This is not some treatise on relationships, it's just the mood I'm in. I don't know if it's the weather, a face I glimpsed on the street, my lack of a current relationship, or the hormonal balance of the day, but for whichever reason, I got to thinking about men today, specifically the men of my past. There are many, many, MANY times where I find myself verbally (mentally) abusing myself over my terrible, terrible choices of the past, but at other times, I just think of the good memories I'm left to rely on. This is not to say that every guy elicits good memories, or good enough memories to fall back on on days like these, but there are enough to make me smile.
Of the men I remember fondly one was just a boy when we met. Oh, and I was just a girl, nasty! First, we met in middle school. He was a friend of my friend, at a time when I was painfully shy (how that came to be is an entirely different story that I'm sure we'll discuss in the future) and she was way too socially adept to be twelve. She would casually talk to this guy and I would be so jealous of the ease at which she addressed someone so cute! Fast forward about four years and this cutie reentered my life as the friend of another set of friends. At this point, I believe he was seventeen, he was well over six feet tall, had the deepest dimples, and a killer smile, I mean killer! He sent me into the most girlish dithers (yeah, I said dithers) you could ever imagine.
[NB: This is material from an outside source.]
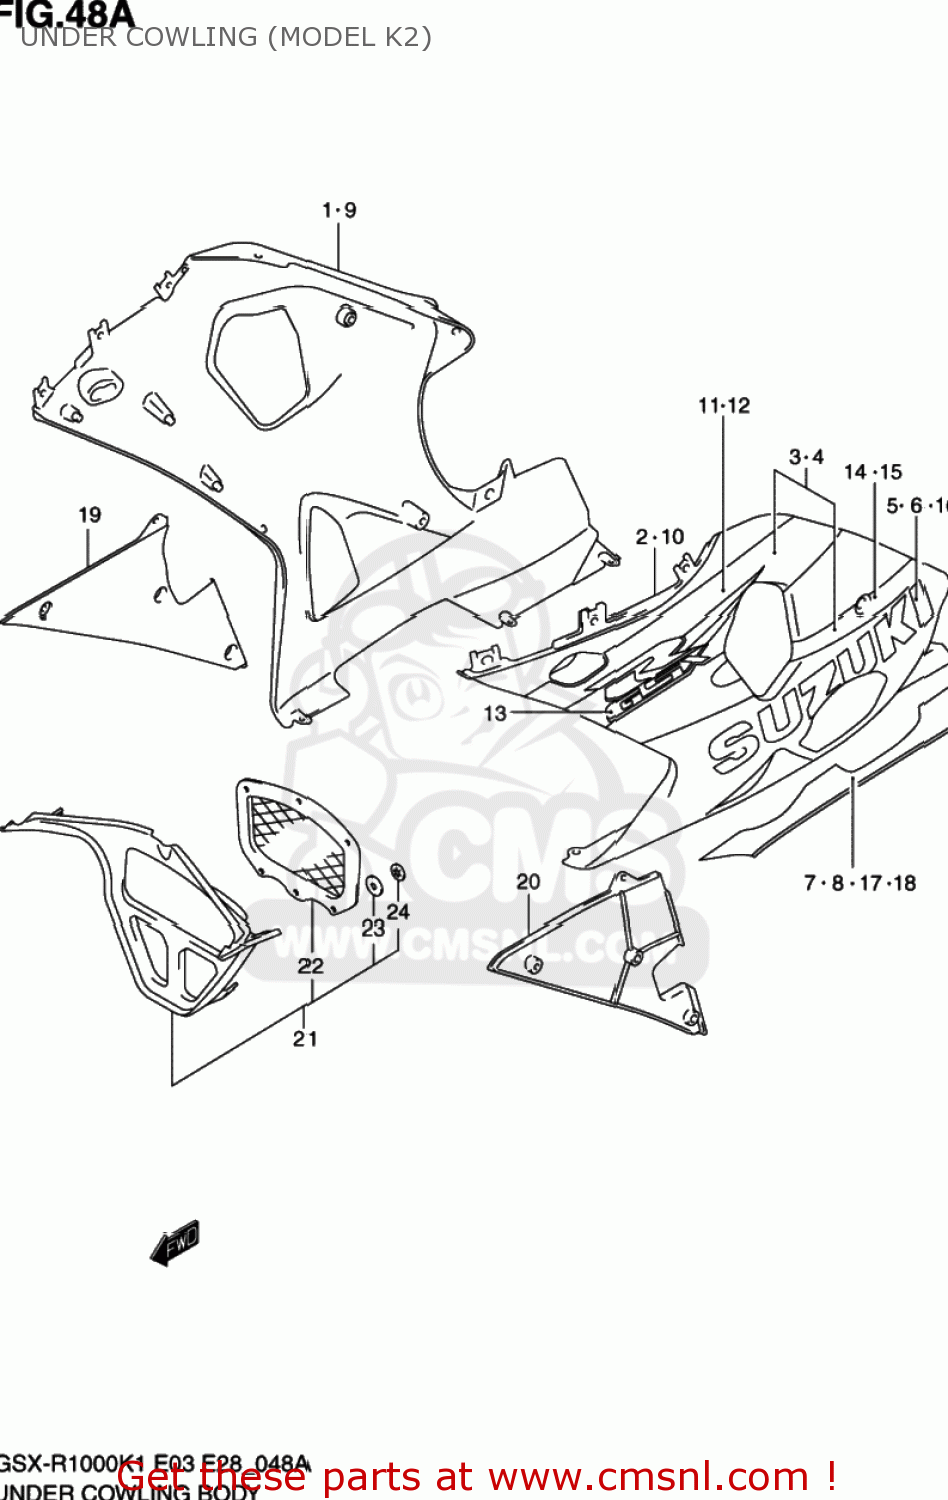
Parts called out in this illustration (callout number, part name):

Think the adventures of Sweet Valley High. Of course, I played it cool - at first. Eventually, we were making out and I couldn't imagine my luck. I dithered away!
It turns out this guy was so cute, sweet, fun to talk to, and his kisses sent me to another dimension! Of course, we never "officially" dated, he wasn't over his ex-girlfriend, which doesn't explain the other girls he was seeing, but, over many encounters, first in succession, and later with gaps of months at a time, I really, really enjoyed spending time with him. The first time he kissed me felt straight out of a movie. We were over a friend's house and by now we both knew how much we liked each other, but he still had not kissed me. I wasn't interested in being the one to initiate, so I just made sure to let our mutual guy friend know what I wanted. Having done that still did not prepare me for what happened. The teens hung in the basement, and I'd gone upstairs for a bathroom break. Before I could go back down, he came up the stairs. I figured he had to go to the bathroom, too, but instead, he headed up the stairs straight for me, and when his height matched mine (several steps below me), he reached forward and kissed me. When the deed was done, he swaggered away satisfied that he had accomplished his goal. All I could do was grin my happy butt back down the stairs. Man! As we got to know each other, I found that he loved to laugh, he was down to earth, and without pressuring me for more, he told he couldn't get enough of my kisses. It was very disappointing that we never became more, but this boy had a sweet charm and touch that remain in my good memories file many years later.
There are others, and I was going to write about a couple more, but I think this is enough for my first time - my first blog entry. Any man reading may have already checked out by now, but just as a spoiler, every entry won't be about men or love or relationships, this was just my mood today.